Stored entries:
=-=-=

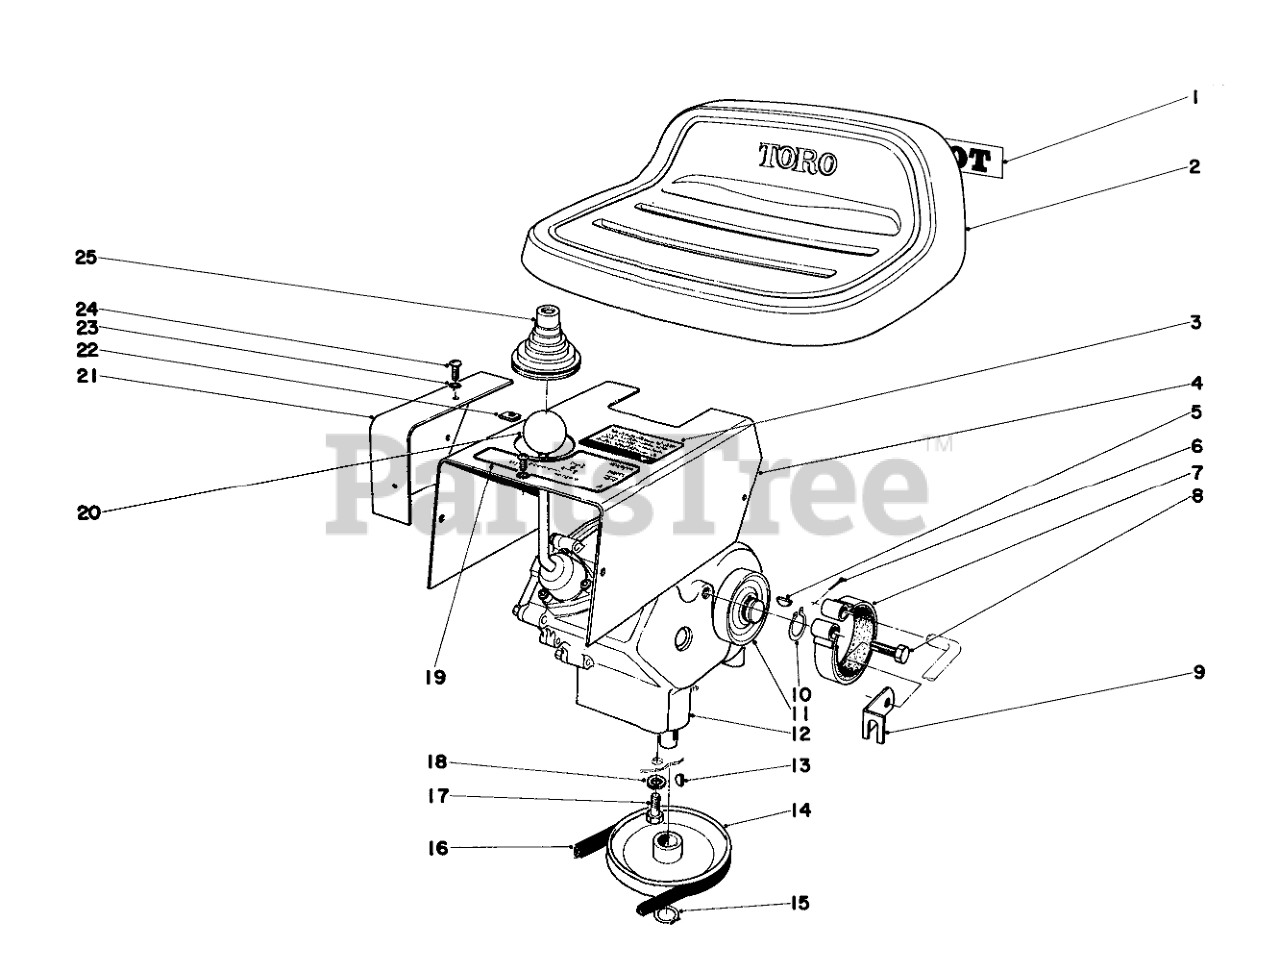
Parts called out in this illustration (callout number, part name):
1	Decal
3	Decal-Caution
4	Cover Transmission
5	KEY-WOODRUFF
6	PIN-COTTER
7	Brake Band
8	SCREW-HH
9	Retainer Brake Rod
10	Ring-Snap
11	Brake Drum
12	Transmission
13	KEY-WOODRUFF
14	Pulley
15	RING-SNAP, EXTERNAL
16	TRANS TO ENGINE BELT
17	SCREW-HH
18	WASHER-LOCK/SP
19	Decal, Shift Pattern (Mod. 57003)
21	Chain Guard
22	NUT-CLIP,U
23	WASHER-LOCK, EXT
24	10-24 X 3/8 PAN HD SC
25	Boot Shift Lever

=-=-=

#### [DESCRIPTION OF THE TASK]
All that is needed is an exact copy of the entries above, minus the pictures.

#### [FINISHED EXERCISE]
Parts called out in this illustration (callout number, part name):
1	Decal
3	Decal-Caution
4	Cover Transmission
5	KEY-WOODRUFF
6	PIN-COTTER
7	Brake Band
8	SCREW-HH
9	Retainer Brake Rod
10	Ring-Snap
11	Brake Drum
12	Transmission
13	KEY-WOODRUFF
14	Pulley
15	RING-SNAP, EXTERNAL
16	TRANS TO ENGINE BELT
17	SCREW-HH
18	WASHER-LOCK/SP
19	Decal, Shift Pattern (Mod. 57003)
21	Chain Guard
22	NUT-CLIP,U
23	WASHER-LOCK, EXT
24	10-24 X 3/8 PAN HD SC
25	Boot Shift Lever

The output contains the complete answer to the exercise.